# Brittany Gentle Giants



## uatusk (Nov 23, 2014)

I currently have two of Brittany Madison ' s gentle giants. They are beautiful animals... They are fierce protectors of me and my family but they are true gentle giants. I am heartbroken to learn about what happened but Brittany is a wonderful Person. I would love to adopt any of her dogs. I understand It might be to late but if anyone can help me I would greatly appreciate your assistance. My name is JD WASHINGTON and my telephone number is phone number removed, pls PM JD, thanks, Jean-admin. Thank You


----------



## MaggieRoseLee (Aug 17, 2001)

uatusk, do you have current info that she is breeding? I couldn't find anything more current than 2010 and most of those posts weren't very complimentary. What About Brittany's Gentle Giants? - Doberman Forum : Doberman Breed Dog Forums

If you want a 'gentle giant' then best to go for dogs that ARE giant like mastiff's and St Bernards and Great Danes...


----------



## Guy9999 (Aug 25, 2014)

' I am heartbroken to learn about what happened but Brittany is a wonderful Person.'
What happened?
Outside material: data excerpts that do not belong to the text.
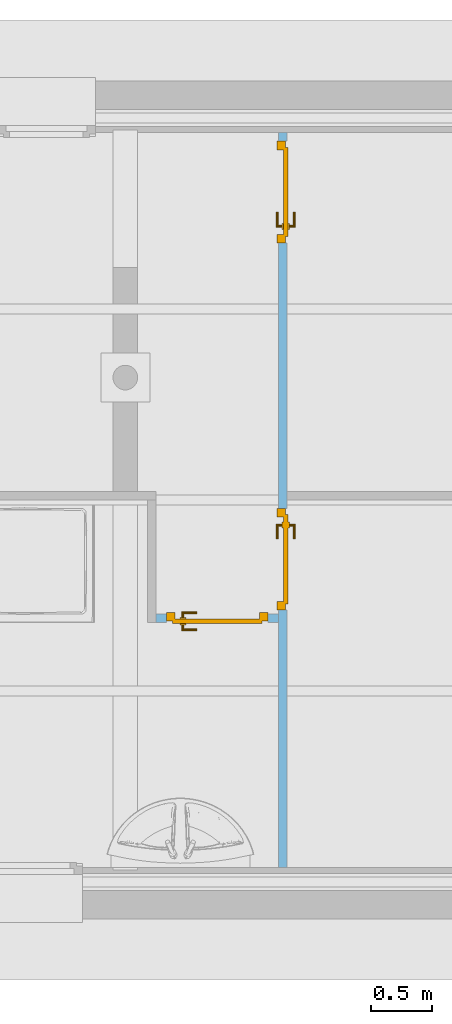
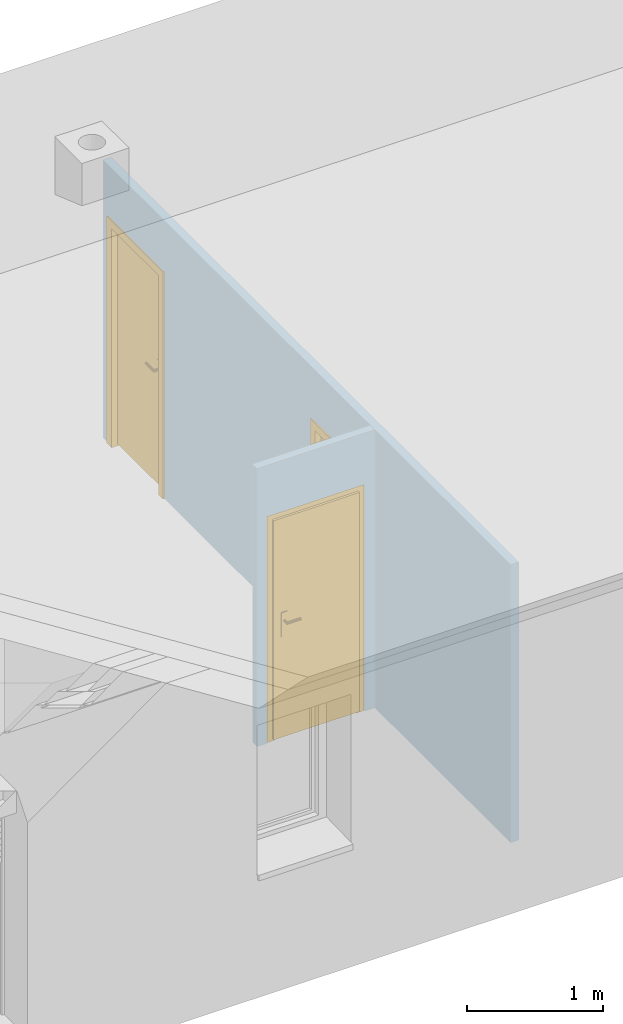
# One storey, part 5 of 7: 3 doors, 3 openings, plus 2 elements that do not belong to this part.
"""IFC4 building model written with IfcOpenShell, lengths in metres."""

from ifc_helpers import new_model, entity, si_unit, converted_unit, frame, frame_2d, origin, origin_with_axes, place, context, subcontext, project, spatial, polyline, rectangle, outline, extrude, faceted_brep, source, transform, mapped, material, layer, layer_set, layer_usage, type_object, element, fill, save


model = new_model("IFC4")

# Units and contexts
model_context = context("Model", 3, precision=1e-05, world=origin())
body_context = subcontext(model_context, "Body", "Model", "MODEL_VIEW")
ifc_project = project(units=[si_unit("LENGTHUNIT", "METRE"), si_unit("AREAUNIT", "SQUARE_METRE"), si_unit("VOLUMEUNIT", "CUBIC_METRE"), si_unit("MASSUNIT", "GRAM", prefix="KILO"), converted_unit("PLANEANGLEUNIT", "DEGREE", entity("IfcPlaneAngleMeasure", 0.0174532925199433), si_unit("PLANEANGLEUNIT", "RADIAN"), dimensions=[0, 0, 0, 0, 0, 0, 0])], contexts=[model_context])

# Building, storey
building_placement = place(None, origin())
building = spatial("IfcBuilding", under=ifc_project, at=building_placement, Name="Projet de Construction", CompositionType="ELEMENT")
storey_placement = place(building_placement, frame((0.0, 0.0, 2.8)))
storey = spatial("IfcBuildingStorey", under=building, at=storey_placement, Name="R+1", CompositionType="ELEMENT", Elevation=2.8)

# Wall, opening, door
ifc_material_1 = material()
ifc_layer_1 = layer(ifc_material_1, 0.07)
ifc_layer_set_1 = layer_set([ifc_layer_1])
ifc_layer_usage_1 = layer_usage(ifc_layer_set_1, "AXIS2", "POSITIVE", 0.0)
wall_1_placement = place(storey_placement, frame((-0.615937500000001, 3.78979166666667, 0.3), z_axis=(0.0, 0.0, 1.0), x_axis=(-1.0, 0.0, 0.0)))
wall_1 = element("IfcWall", 1, at=wall_1_placement, inside=storey, material=ifc_layer_usage_1, context=body_context, shape_type="SweptSolid", body=[
    extrude(rectangle(XDim=0.999999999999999, YDim=0.07, at=frame_2d((0.5, 0.035), x_axis=(1.0, 0.0))), origin_with_axes(), (0.0, 0.0, 1.0), 2.5),
])
opening_1_placement = place(wall_1_placement, frame((0.915, 0.07, 0.0), z_axis=(0.0, -1.0, 0.0), x_axis=(0.0, 0.0, 1.0)))
opening_1 = element("IfcOpeningStandardCase", 2, at=opening_1_placement, cuts=wall_1, Name="Baie de porte", PredefinedType="OPENING", context=body_context, shape_type="SweptSolid", body=[
    extrude(outline(polyline([(0.0, 0.83), (2.04, 0.83), (2.04, 0.0), (0.0, 0.0), (0.0, 0.83)])), origin_with_axes(), (0.0, 0.0, 1.0), 0.07),
])
ifc_material_2 = material()
door_type_1 = type_object("IfcDoorType", Name="1 vantail sol fini, en bois", OperationType="SINGLE_SWING_RIGHT", ParameterTakesPrecedence=False, PredefinedType="DOOR")
shared_shape_1 = source(origin_with_axes(), body_context, "Body", "Brep", [
    faceted_brep([(0.83, 0.0700000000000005, 2.04), (0.76, 0.0700000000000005, 2.04), (0.76, 0.07, 0.0), (0.83, 0.07, 0.0), (0.83, 0.0, 0.0), (0.76, 0.0, 0.0), (0.76, 4.54747350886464e-16, 2.04), (0.83, 4.54747350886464e-16, 2.04)], [[[0, 1, 2, 3]], [[4, 5, 6, 7]], [[3, 4, 7, 0]], [[2, 5, 4, 3]], [[1, 6, 5, 2]], [[0, 7, 6, 1]]], orient=[[False], [False], [False], [False], [False], [False]]),
    faceted_brep([(0.07, 0.0700000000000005, 2.04), (0.0, 0.0700000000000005, 2.04), (0.0, 0.07, 0.0), (0.07, 0.07, 0.0), (0.07, 0.0, 0.0), (0.0, 0.0, 0.0), (0.0, 4.54747350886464e-16, 2.04), (0.07, 4.54747350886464e-16, 2.04)], [[[0, 1, 2, 3]], [[4, 5, 6, 7]], [[3, 4, 7, 0]], [[2, 5, 4, 3]], [[1, 6, 5, 2]], [[0, 7, 6, 1]]], orient=[[False], [False], [False], [False], [False], [False]]),
    faceted_brep([(0.76, 0.0700000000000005, 2.04), (0.07, 0.0700000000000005, 2.04), (0.07, 0.0700000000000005, 1.97), (0.76, 0.0700000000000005, 1.97), (0.76, 4.54747350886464e-16, 1.97), (0.07, 4.54747350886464e-16, 1.97), (0.07, 4.54747350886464e-16, 2.04), (0.76, 4.54747350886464e-16, 2.04)], [[[0, 1, 2, 3]], [[4, 5, 6, 7]], [[3, 4, 7, 0]], [[2, 5, 4, 3]], [[1, 6, 5, 2]], [[0, 7, 6, 1]]], orient=[[False], [False], [False], [False], [False], [False]]),
    faceted_brep([(0.78, 0.0900000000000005, 1.99), (0.05, 0.0900000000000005, 1.99), (0.05, 0.09, 0.021), (0.78, 0.09, 0.021), (0.78, 0.05, 0.021), (0.05, 0.05, 0.021), (0.05, 0.0500000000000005, 1.99), (0.78, 0.0500000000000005, 1.99)], [[[0, 1, 2, 3]], [[4, 5, 6, 7]], [[3, 4, 7, 0]], [[2, 5, 4, 3]], [[1, 6, 5, 2]], [[0, 7, 6, 1]]], orient=[[False], [False], [False], [False], [False], [False]]),
    faceted_brep([(0.72, 0.05, 1.146), (0.67, 0.05, 1.146), (0.67, 0.05, 0.931), (0.72, 0.05, 0.931), (0.72, 0.04, 0.931), (0.67, 0.04, 0.931), (0.67, 0.04, 1.146), (0.72, 0.04, 1.146)], [[[0, 1, 2, 3]], [[4, 5, 6, 7]], [[3, 4, 7, 0]], [[2, 5, 4, 3]], [[1, 6, 5, 2]], [[0, 7, 6, 1]]], orient=[[False], [False], [False], [False], [False], [False]]),
    faceted_brep([(0.695, 0.04, 1.081), (0.69, 0.04, 1.07966025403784), (0.686339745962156, 0.04, 1.076), (0.685, 0.04, 1.071), (0.686339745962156, 0.04, 1.066), (0.69, 0.04, 1.06233974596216), (0.695, 0.04, 1.061), (0.7, 0.04, 1.06233974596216), (0.703660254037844, 0.04, 1.066), (0.705, 0.04, 1.071), (0.703660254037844, 0.04, 1.076), (0.7, 0.04, 1.07966025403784), (0.7, -0.005, 1.07966025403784), (0.695, 0.0, 1.081), (0.703660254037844, -0.00866025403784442, 1.076), (0.705, -0.01, 1.071), (0.703660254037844, -0.00866025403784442, 1.066), (0.7, -0.005, 1.06233974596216), (0.695, 0.0, 1.061), (0.69, 0.005, 1.06233974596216), (0.686339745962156, 0.00866025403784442, 1.066), (0.685, 0.01, 1.071), (0.686339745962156, 0.00866025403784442, 1.076), (0.69, 0.005, 1.07966025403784), (0.58, 0.0, 1.081), (0.58, -0.005, 1.07966025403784), (0.58, -0.00866025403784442, 1.076), (0.58, -0.01, 1.071), (0.58, -0.00866025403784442, 1.066), (0.58, -0.005, 1.06233974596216), (0.58, 0.0, 1.061), (0.58, 0.005, 1.06233974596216), (0.58, 0.00866025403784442, 1.066), (0.58, 0.01, 1.071), (0.58, 0.00866025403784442, 1.076), (0.58, 0.005, 1.07966025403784)], [[[0, 1, 2, 3, 4, 5, 6, 7, 8, 9, 10, 11]], [[0, 11, 12, 13]], [[11, 10, 14, 12]], [[10, 9, 15, 14]], [[9, 8, 16, 15]], [[8, 7, 17, 16]], [[7, 6, 18, 17]], [[6, 5, 19, 18]], [[5, 4, 20, 19]], [[4, 3, 21, 20]], [[3, 2, 22, 21]], [[2, 1, 23, 22]], [[1, 0, 13, 23]], [[24, 25, 26, 27, 28, 29, 30, 31, 32, 33, 34, 35]], [[13, 12, 25, 24]], [[12, 14, 26, 25]], [[14, 15, 27, 26]], [[15, 16, 28, 27]], [[16, 17, 29, 28]], [[17, 18, 30, 29]], [[18, 19, 31, 30]], [[19, 20, 32, 31]], [[20, 21, 33, 32]], [[21, 22, 34, 33]], [[22, 23, 35, 34]], [[23, 13, 24, 35]]], orient=[[False], [False], [False], [False], [False], [False], [False], [False], [False], [False], [False], [False], [False], [False], [False], [False], [False], [False], [False], [False], [False], [False], [False], [False], [False], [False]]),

What am I missing here????


----------



## RunShepherdRun (Oct 5, 2009)

Her dogs were seized in July 2010, severe neglect:

48 dogs rescued near Goldendale, Wash.

http://www.germanshepherds.com/foru...-brittanys-gentle-giants-goldendale-wa-3.html


----------



## Lilie (Feb 3, 2010)

RunShepherdRun said:


> Her dogs were seized in July 2010, severe neglect:
> 
> 48 dogs rescued near Goldendale, Wash.
> 
> http://www.germanshepherds.com/foru...-brittanys-gentle-giants-goldendale-wa-3.html


 
Seized over four years ago. I suspect it's a bit too late to try to jump in and help at this point.


----------